▸ What is required
Retype only the lines that run from the top of the material below to the line bearing "IFC2X3 demands one", inclusive, and keep the pictures out.

▸ Records provided
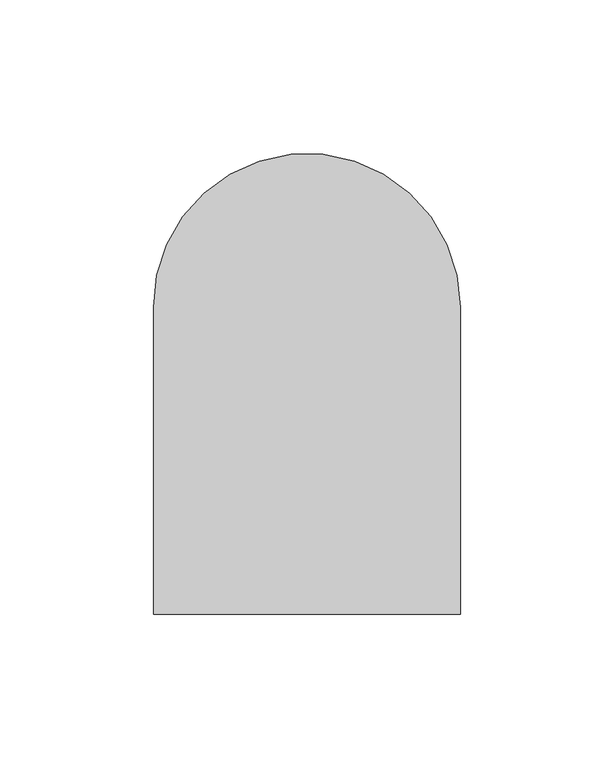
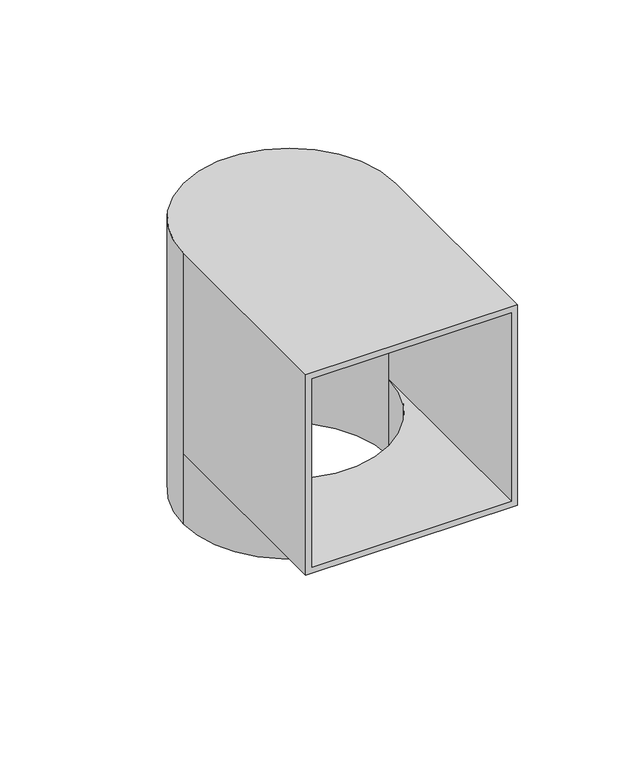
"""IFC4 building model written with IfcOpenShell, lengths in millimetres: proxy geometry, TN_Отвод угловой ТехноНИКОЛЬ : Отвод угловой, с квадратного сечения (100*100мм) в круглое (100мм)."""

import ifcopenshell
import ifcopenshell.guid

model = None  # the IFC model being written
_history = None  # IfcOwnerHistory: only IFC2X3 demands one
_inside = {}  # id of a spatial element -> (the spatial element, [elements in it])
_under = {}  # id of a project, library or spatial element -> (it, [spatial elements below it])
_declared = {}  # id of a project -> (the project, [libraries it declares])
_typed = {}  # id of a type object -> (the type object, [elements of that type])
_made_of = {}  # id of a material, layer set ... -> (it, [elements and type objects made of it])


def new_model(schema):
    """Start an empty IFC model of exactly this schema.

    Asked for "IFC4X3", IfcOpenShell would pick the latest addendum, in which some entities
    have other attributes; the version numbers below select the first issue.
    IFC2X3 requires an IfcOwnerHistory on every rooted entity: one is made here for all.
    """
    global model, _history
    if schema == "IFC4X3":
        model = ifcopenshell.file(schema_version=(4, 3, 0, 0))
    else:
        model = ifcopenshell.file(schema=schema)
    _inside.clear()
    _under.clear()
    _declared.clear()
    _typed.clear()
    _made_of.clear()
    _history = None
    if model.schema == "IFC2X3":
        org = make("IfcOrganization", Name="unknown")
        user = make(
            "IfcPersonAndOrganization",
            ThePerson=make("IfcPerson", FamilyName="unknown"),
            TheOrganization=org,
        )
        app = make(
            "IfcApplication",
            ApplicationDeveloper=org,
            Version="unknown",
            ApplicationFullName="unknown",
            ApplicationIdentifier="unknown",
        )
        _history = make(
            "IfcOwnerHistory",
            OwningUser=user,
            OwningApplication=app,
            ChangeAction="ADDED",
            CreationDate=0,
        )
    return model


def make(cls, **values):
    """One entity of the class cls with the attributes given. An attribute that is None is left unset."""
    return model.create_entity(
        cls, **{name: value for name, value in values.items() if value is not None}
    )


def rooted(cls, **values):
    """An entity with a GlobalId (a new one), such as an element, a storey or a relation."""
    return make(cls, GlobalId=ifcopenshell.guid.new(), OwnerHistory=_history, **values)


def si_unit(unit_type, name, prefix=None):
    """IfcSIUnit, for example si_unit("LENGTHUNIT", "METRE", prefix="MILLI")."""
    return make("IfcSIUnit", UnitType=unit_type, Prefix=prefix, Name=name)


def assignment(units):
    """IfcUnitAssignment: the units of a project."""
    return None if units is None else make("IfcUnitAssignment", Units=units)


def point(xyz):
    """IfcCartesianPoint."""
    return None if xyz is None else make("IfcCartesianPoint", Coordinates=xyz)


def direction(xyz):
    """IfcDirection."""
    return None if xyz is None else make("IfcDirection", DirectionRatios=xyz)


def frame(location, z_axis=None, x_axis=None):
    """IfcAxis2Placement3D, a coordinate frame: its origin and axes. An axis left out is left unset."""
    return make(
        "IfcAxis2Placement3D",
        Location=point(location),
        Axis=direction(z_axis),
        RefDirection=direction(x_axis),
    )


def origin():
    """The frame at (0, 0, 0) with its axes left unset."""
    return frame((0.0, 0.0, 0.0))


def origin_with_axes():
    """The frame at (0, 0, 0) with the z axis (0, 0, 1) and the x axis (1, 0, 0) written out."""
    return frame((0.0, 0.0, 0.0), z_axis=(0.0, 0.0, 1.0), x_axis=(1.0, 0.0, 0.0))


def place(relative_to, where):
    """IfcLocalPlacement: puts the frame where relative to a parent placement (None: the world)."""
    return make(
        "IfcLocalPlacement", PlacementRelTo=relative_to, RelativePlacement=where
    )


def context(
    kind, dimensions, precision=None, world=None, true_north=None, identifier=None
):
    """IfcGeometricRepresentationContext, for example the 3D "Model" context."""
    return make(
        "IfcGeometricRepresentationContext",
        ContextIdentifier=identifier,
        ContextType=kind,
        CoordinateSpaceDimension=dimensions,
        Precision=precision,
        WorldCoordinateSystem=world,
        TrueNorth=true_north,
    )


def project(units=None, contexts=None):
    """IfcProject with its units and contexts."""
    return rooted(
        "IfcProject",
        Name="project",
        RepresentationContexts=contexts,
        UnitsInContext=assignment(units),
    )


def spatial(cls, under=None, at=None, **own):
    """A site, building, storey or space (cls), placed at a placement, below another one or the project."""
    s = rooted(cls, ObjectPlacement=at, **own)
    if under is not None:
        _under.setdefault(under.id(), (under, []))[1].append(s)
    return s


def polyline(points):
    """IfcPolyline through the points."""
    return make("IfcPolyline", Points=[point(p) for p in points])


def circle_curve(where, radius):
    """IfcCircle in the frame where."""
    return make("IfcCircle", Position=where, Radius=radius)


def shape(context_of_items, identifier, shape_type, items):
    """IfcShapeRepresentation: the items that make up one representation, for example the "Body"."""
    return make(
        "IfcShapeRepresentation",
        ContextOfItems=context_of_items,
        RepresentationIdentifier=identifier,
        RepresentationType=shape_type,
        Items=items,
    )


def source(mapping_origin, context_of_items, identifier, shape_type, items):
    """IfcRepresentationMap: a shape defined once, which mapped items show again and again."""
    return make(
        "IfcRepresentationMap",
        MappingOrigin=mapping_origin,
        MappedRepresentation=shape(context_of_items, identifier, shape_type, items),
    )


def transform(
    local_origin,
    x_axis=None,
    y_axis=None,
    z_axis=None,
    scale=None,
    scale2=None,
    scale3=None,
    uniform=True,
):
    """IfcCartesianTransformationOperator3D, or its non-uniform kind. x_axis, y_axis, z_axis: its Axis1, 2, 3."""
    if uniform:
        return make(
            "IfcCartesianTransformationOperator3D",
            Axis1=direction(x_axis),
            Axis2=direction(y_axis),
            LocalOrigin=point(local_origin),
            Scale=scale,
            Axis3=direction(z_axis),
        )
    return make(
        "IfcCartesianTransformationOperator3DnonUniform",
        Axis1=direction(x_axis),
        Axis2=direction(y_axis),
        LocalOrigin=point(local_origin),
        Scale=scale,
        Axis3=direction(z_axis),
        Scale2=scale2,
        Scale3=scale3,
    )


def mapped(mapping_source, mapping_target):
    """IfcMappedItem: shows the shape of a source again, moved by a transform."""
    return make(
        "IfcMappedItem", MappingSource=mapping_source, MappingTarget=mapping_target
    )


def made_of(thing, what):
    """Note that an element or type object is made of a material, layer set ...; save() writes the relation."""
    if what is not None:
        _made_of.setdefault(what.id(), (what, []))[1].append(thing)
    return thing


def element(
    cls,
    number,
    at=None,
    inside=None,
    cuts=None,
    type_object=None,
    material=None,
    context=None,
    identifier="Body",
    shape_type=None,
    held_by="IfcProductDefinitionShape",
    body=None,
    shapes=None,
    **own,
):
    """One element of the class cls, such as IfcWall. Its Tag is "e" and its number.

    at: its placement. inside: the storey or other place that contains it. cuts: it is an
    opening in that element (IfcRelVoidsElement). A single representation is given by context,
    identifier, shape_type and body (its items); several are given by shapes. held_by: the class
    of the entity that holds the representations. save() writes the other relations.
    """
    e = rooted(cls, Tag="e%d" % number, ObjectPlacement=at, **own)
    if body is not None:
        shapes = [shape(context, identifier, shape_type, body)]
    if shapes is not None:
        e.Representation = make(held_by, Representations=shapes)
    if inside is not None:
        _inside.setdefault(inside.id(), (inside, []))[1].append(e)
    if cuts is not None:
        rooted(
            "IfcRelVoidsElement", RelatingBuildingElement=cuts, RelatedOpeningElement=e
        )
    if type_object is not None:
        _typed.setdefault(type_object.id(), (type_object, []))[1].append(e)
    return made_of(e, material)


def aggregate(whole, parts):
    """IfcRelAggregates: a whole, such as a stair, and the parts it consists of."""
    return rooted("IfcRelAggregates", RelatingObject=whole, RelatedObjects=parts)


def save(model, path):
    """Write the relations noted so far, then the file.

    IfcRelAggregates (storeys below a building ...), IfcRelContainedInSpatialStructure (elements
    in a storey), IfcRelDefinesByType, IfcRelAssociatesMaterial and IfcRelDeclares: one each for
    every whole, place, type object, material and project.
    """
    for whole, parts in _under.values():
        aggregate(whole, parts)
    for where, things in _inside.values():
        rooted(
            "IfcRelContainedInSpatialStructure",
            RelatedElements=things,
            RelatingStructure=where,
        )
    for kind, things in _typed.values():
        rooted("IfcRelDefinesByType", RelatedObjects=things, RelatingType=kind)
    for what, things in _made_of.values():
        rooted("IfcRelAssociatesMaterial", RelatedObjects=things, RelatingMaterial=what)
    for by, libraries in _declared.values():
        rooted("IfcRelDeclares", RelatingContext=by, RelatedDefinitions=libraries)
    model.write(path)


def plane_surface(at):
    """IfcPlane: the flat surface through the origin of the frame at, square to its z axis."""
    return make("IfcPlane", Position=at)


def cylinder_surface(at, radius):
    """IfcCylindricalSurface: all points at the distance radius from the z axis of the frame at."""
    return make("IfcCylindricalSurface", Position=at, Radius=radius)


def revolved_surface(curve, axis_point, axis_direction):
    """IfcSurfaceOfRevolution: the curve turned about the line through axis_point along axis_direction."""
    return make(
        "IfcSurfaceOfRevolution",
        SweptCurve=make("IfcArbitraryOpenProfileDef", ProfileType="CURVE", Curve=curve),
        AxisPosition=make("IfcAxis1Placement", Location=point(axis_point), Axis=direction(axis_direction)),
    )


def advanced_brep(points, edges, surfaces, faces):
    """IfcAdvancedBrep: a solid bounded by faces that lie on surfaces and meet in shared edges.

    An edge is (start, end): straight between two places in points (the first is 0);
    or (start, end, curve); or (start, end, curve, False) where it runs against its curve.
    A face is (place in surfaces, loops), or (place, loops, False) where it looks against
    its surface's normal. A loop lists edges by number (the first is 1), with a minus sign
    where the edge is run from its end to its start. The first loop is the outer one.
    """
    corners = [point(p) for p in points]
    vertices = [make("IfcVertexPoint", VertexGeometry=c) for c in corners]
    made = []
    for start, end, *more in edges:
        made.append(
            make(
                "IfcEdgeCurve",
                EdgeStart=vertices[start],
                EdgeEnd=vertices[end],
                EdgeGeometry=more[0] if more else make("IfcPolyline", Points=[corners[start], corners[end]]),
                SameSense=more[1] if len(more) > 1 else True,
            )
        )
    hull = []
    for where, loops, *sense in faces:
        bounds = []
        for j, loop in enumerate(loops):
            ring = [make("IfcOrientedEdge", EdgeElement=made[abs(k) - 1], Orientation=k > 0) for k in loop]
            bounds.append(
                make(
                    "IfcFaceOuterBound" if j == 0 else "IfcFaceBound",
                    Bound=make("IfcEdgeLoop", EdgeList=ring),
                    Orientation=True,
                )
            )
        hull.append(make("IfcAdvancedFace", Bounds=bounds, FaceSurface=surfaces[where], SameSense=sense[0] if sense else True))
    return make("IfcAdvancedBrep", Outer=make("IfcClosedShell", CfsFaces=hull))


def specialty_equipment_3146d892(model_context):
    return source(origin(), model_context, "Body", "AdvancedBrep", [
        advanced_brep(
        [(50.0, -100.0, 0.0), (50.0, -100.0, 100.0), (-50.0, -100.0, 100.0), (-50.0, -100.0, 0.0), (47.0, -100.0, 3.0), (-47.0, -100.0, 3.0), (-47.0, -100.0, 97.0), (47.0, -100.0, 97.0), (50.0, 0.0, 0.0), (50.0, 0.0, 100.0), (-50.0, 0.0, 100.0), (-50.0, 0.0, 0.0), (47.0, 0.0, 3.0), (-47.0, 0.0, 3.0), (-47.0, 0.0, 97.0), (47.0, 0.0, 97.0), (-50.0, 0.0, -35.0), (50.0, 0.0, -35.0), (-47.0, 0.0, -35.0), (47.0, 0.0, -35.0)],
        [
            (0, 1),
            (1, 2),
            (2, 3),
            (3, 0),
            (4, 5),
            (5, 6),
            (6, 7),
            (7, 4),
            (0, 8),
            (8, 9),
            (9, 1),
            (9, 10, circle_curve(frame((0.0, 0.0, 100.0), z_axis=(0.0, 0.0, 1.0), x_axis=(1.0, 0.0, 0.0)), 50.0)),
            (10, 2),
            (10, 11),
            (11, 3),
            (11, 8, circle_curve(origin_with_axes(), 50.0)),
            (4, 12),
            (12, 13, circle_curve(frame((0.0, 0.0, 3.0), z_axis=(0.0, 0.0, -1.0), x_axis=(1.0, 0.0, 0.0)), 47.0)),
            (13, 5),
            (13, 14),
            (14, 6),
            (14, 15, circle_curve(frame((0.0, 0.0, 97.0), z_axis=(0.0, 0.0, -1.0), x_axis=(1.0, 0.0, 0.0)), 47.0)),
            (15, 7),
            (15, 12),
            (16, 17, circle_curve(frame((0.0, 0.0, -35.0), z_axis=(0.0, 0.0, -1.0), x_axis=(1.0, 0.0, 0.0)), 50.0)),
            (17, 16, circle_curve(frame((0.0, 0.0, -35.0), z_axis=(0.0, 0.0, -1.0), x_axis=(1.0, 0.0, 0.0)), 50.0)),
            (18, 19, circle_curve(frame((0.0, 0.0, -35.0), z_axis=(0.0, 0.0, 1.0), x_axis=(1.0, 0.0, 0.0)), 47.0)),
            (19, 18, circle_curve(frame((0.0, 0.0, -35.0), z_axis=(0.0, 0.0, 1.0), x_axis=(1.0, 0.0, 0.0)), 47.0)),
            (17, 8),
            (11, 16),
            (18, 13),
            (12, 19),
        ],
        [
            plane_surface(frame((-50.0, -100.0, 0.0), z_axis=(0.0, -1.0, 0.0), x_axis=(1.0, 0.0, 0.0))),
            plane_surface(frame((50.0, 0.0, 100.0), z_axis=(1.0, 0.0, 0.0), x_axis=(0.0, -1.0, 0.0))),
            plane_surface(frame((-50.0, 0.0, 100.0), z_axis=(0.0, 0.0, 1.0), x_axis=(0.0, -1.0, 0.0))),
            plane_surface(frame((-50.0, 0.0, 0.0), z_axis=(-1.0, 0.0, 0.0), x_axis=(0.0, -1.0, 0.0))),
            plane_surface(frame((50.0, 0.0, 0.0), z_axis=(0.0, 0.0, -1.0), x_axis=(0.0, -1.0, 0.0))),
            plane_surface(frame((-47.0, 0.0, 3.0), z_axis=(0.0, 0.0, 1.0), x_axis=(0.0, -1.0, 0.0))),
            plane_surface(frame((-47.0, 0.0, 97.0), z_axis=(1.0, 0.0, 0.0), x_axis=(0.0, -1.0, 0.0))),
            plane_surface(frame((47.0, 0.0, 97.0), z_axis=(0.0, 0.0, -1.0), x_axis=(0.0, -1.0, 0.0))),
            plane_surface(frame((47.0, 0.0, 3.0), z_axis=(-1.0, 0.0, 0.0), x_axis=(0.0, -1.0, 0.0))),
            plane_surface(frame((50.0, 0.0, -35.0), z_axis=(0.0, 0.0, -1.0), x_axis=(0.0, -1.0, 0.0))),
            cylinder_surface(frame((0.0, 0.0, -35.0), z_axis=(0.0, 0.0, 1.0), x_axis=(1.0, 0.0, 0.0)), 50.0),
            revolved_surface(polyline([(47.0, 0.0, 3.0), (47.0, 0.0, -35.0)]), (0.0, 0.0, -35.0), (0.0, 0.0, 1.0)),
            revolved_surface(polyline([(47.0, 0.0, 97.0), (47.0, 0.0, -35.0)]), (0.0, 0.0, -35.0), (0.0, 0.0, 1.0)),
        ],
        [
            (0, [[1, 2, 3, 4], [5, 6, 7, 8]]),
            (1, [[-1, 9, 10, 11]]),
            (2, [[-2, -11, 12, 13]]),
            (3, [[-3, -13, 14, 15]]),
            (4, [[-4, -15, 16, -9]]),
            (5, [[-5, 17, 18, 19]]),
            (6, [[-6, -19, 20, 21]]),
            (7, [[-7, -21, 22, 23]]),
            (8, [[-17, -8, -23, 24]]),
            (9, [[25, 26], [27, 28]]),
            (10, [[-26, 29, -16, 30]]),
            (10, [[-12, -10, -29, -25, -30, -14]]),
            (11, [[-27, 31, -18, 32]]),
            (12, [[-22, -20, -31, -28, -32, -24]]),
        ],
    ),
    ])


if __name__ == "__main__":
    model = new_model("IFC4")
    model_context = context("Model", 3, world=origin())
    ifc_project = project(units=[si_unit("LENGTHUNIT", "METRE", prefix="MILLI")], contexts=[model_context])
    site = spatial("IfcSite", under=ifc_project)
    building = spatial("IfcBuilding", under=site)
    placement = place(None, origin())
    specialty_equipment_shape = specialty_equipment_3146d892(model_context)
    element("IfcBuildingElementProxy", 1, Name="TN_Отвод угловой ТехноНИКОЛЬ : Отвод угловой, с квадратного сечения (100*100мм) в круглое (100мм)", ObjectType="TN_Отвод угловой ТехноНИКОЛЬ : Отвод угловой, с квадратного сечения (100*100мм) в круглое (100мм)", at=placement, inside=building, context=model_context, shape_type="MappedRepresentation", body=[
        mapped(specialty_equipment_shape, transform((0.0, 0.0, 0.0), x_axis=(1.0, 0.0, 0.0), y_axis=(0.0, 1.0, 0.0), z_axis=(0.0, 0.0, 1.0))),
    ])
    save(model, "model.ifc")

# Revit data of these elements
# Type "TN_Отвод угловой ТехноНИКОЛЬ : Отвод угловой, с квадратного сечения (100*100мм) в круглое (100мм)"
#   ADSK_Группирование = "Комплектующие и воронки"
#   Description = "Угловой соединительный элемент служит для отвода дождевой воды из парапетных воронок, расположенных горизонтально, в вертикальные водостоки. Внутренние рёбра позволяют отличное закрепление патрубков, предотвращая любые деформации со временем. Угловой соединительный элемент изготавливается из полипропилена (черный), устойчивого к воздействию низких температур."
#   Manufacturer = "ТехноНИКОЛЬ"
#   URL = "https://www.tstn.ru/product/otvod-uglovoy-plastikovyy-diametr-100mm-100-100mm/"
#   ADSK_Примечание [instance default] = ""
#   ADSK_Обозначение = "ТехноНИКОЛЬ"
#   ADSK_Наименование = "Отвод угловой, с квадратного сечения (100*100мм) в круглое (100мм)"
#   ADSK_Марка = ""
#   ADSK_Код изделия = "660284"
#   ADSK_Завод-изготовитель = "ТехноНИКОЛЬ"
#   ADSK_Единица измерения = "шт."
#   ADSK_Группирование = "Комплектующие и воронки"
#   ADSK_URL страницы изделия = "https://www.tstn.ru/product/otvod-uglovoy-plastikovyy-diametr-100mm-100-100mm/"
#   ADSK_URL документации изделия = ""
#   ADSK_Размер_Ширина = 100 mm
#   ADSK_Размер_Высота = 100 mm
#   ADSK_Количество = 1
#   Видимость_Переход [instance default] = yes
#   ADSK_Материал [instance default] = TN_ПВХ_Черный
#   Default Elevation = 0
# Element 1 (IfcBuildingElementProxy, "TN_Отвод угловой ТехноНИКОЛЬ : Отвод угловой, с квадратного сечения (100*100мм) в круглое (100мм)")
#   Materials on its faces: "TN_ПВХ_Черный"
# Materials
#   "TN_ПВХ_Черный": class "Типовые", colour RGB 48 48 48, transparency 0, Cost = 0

▸ Task result
"""IFC4 building model written with IfcOpenShell, lengths in millimetres: proxy geometry, TN_Отвод угловой ТехноНИКОЛЬ : Отвод угловой, с квадратного сечения (100*100мм) в круглое (100мм)."""

import ifcopenshell
import ifcopenshell.guid

model = None  # the IFC model being written
_history = None  # IfcOwnerHistory: only IFC2X3 demands one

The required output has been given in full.